Situadas entre África y Europa, entre un océano y un mar interior, las tierras de España se han impregnado de influencias foráneas desde los tiempos en que la leyenda se confundía con la historia. La escultura ibérica, que llega a su cima en los siglos V-IV a. C. con obras polícromas como la dama oferente del Cerro de los Ángeles, la de Baza o la de Elche, resulta incomprensible sin la estrecha relación mantenida con los colonos griegos y fenicios establecidos en el litoral mediterráneo. Y lo mismo ocurre con la cerámica, cuya vida en común con las piezas importadas —barniz rojo o pasta gris fenicia, vasos griegos pintados— empujó a los artesanos locales a imitar las formas, las arcillas y los adornos del mundo colonial.

Dice E. H. Gombrich que la única manera de adquirir una vaga idea de la pintura griega es observando la decoración de sus cerámicas. Lo mismo ocurre con la ibérica. La pintura de vasos y vasijas era una industria importante en la Antigüedad y el humilde artesano sentía avidez por introducir los más recientes descubrimientos artísticos en sus productos. El caso más ejemplar es el Vaso de los guerreros, obra cumbre del arte ibero, equivalente en pintura a lo que la Dama de Elche supone en escultura. Decorada según el sistema de friso corrido, las pinturas de esta gran vasija representan a seis jinetes y dos infantes armados con espadas y lanzas. Persiguen a cuatro guerreros que parecen huir sin dejar de mirar hacia atrás mientras se protegen con escudos. La escena recuerda el papel fundamental que desempeñaba la guerra para los pueblos iberos, famosos por sus hazañas de armas, y evoca un mundo tan cruel y despiadado como el cantado en la Ilíada o como el que asoma en los versos de Arquíloco, el poeta griego del siglo VI a. C., que fue mercenario y según la leyenda murió en combate:

Pues mil somos, los que les dimos muerte, a siete

cuerpos allá tendidos, que alcanzamos corriendo.

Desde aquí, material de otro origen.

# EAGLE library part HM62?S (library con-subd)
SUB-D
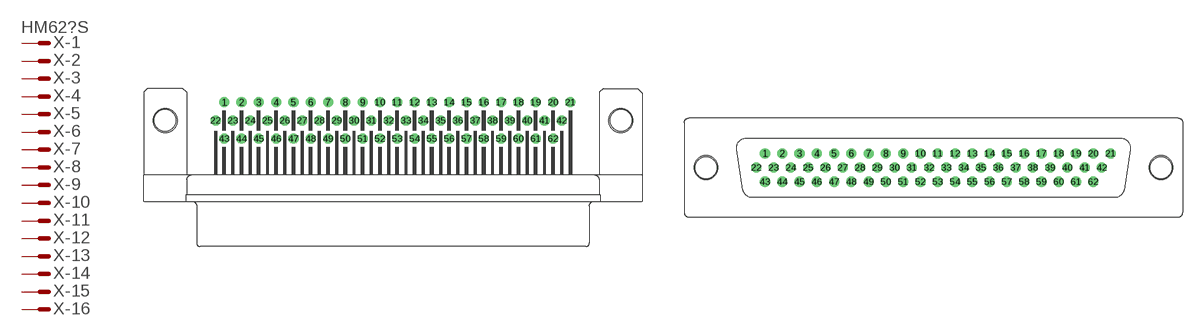
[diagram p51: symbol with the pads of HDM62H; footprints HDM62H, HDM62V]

Designator prefix X; gates -1=MV -2=M -3=M -4=M -5=M -6=M -7=M -8=M -9=M -10=M -11=M -12=M -13=M -14=M -15=M -16=M -17=M -18=M -19=M -20=M -21=M -22=M -23=M -24=M -25=M -26=M -27=M -28=M -29=M -30=M -31=M -32=M -33=M -34=M -35=M -36=M -37=M -38=M -39=M -40=M -41=M -42=M -43=M -44=M -45=M -46=M -47=M -48=M -49=M -50=M -51=M -52=M -53=M -54=M -55=M -56=M -57=M -58=M -59=M -60=M -61=M -62=M

## HM62HS (OC_FARNELL: unknown; OC_NEWARK: unknown)  [HDM62H]
1  -1:M  pas
2  -2:M  pas
3  -3:M  pas
4  -4:M  pas
5  -5:M  pas
6  -6:M  pas
7  -7:M  pas
8  -8:M  pas
9  -9:M  pas
10  -10:M  pas
11  -11:M  pas
12  -12:M  pas
13  -13:M  pas
14  -14:M  pas
15  -15:M  pas
16  -16:M  pas
17  -17:M  pas
18  -18:M  pas
19  -19:M  pas
20  -20:M  pas
21  -21:M  pas
22  -22:M  pas
23  -23:M  pas
24  -24:M  pas
25  -25:M  pas
26  -26:M  pas
27  -27:M  pas
28  -28:M  pas
29  -29:M  pas
30  -30:M  pas
31  -31:M  pas
32  -32:M  pas
33  -33:M  pas
34  -34:M  pas
35  -35:M  pas
36  -36:M  pas
37  -37:M  pas
38  -38:M  pas
39  -39:M  pas
40  -40:M  pas
41  -41:M  pas
42  -42:M  pas
43  -43:M  pas
44  -44:M  pas
45  -45:M  pas
46  -46:M  pas
47  -47:M  pas
48  -48:M  pas
49  -49:M  pas
50  -50:M  pas
51  -51:M  pas
52  -52:M  pas
53  -53:M  pas
54  -54:M  pas
55  -55:M  pas
56  -56:M  pas
57  -57:M  pas
58  -58:M  pas
59  -59:M  pas
60  -60:M  pas
61  -61:M  pas
62  -62:M  pas

## HM62VS (OC_FARNELL: unknown; OC_NEWARK: unknown)  [HDM62V]
Pads as for HDM62H

## Footprint HDM62H (pad centres in mm)
SUB-D
drill 0.9 round: 1 -23.527,2.54; 2 -21.114,2.54; 3 -18.701,2.54; 4 -16.288,2.54; 5 -13.875,2.54; 6 -11.462,2.54; 7 -9.049,2.54; 8 -6.636,2.54; 9 -4.223,2.54; 10 -1.81,2.54; 11 0.603,2.54; 12 3.016,2.54; 13 5.429,2.54; 14 7.842,2.54; 15 10.255,2.54; 16 12.668,2.54; 17 15.081,2.54; 18 17.494,2.54; 19 19.907,2.54; 20 22.32,2.54; 21 24.733,2.54; 22 -24.734,0; 23 -22.321,0; 24 -19.908,0; 25 -17.495,0; 26 -15.082,0; 27 -12.669,0; 28 -10.256,0; 29 -7.843,0; 30 -5.43,0; 31 -3.017,0; 32 -0.604,0; 33 1.809,0; 34 4.222,0; 35 6.635,0; 36 9.048,0; 37 11.461,0; 38 13.874,0; 39 16.287,0; 40 18.7,0; 41 21.113,0; 42 23.526,0; 43 -23.527,-2.54; 44 -21.114,-2.54; 45 -18.701,-2.54; 46 -16.288,-2.54; 47 -13.875,-2.54; 48 -11.462,-2.54; 49 -9.049,-2.54; 50 -6.636,-2.54; 51 -4.223,-2.54; 52 -1.81,-2.54; 53 0.603,-2.54; 54 3.016,-2.54; 55 5.429,-2.54; 56 7.842,-2.54; 57 10.255,-2.54; 58 12.668,-2.54; 59 15.081,-2.54; 60 17.494,-2.54; 61 19.907,-2.54; 62 22.32,-2.54
hole 3 at -31.75,0
hole 3 at 31.75,0

## Footprint HDM62V (pad centres in mm)
SUB-D
drill 0.9 round: 1 -23.532,1.98; 2 -21.119,1.98; 3 -18.706,1.98; 4 -16.293,1.98; 5 -13.88,1.98; 6 -11.467,1.98; 7 -9.054,1.98; 8 -6.641,1.98; 9 -4.228,1.98; 10 -1.815,1.98; 11 0.598,1.98; 12 3.011,1.98; 13 5.424,1.98; 14 7.837,1.98; 15 10.25,1.98; 16 12.663,1.98; 17 15.076,1.98; 18 17.489,1.98; 19 19.902,1.98; 20 22.315,1.98; 21 24.728,1.98; 22 -24.739,0; 23 -22.325,0; 24 -19.912,0; 25 -17.499,0; 26 -15.086,0; 27 -12.673,0; 28 -10.26,0; 29 -7.847,0; 30 -5.434,0; 31 -3.021,0; 32 -0.608,0; 33 1.805,0; 34 4.218,0; 35 6.631,0; 36 9.044,0; 37 11.457,0; 38 13.87,0; 39 16.283,0; 40 18.696,0; 41 21.109,0; 42 23.522,0; 43 -23.532,-1.98; 44 -21.119,-1.98; 45 -18.706,-1.98; 46 -16.293,-1.98; 47 -13.88,-1.98; 48 -11.467,-1.98; 49 -9.054,-1.98; 50 -6.641,-1.98; 51 -4.228,-1.98; 52 -1.815,-1.98; 53 0.598,-1.98; 54 3.011,-1.98; 55 5.424,-1.98; 56 7.837,-1.98; 57 10.25,-1.98; 58 12.663,-1.98; 59 15.076,-1.98; 60 17.489,-1.98; 61 19.902,-1.98; 62 22.315,-1.98
hole 3 at -31.75,0
hole 3 at 31.75,0

Vaso de los guerreros, joya del arte ibero. Museo de la Prehistoria de Valencia.

Los arqueólogos encontraron el Vaso de los guerreros cerca de Liria, entre las ruinas de Edeta, la antigua ciudad ibera destruida a principios del siglo II a. C. Fue en 1934, y no estaba solo: en el mismo yacimiento se han hallado otras cerámicas —vasos, copas, platos— con pinturas extraordinarias donde la sociedad ibera queda descrita en sus combates, procesiones, fiestas y cacerías. Son una prodigiosa ventana, quizá la mejor, para observar las costumbres de una civilización que no sobrevivió al empuje arrollador de Roma.

Roma nuestra

Grecia y Cartago desfallecieron, y a comienzos del siglo II a. C. Roma tomó el timón de la historia peninsular. Siete siglos no pasan en vano, y más aún si constituyen con mucho el período más largo de paz que ha conocido la península ibérica. Por todas partes afloraron las ciudades, las calzadas, los puentes… Sombras nobles que aún guardan el recuerdo de un mundo cuyo derrumbe en vano intentó impedir Adriano estableciendo sus límites.

Así a Troya figuro

así a su antiguo muro,

y a ti, Roma, a quien queda el nombre apenas,

¡oh patria de los dioses y los reyes!

Y a ti, a quien no valieron justas leyes,

fábrica de Minerva sabia Atenas,

emulación ayer de las edades,

hoy cenizas, hoy vastas soledades:

que no os respetó el hado, no la muerte,

¡ay!, ni por sabia a ti, ni a ti por fuerte.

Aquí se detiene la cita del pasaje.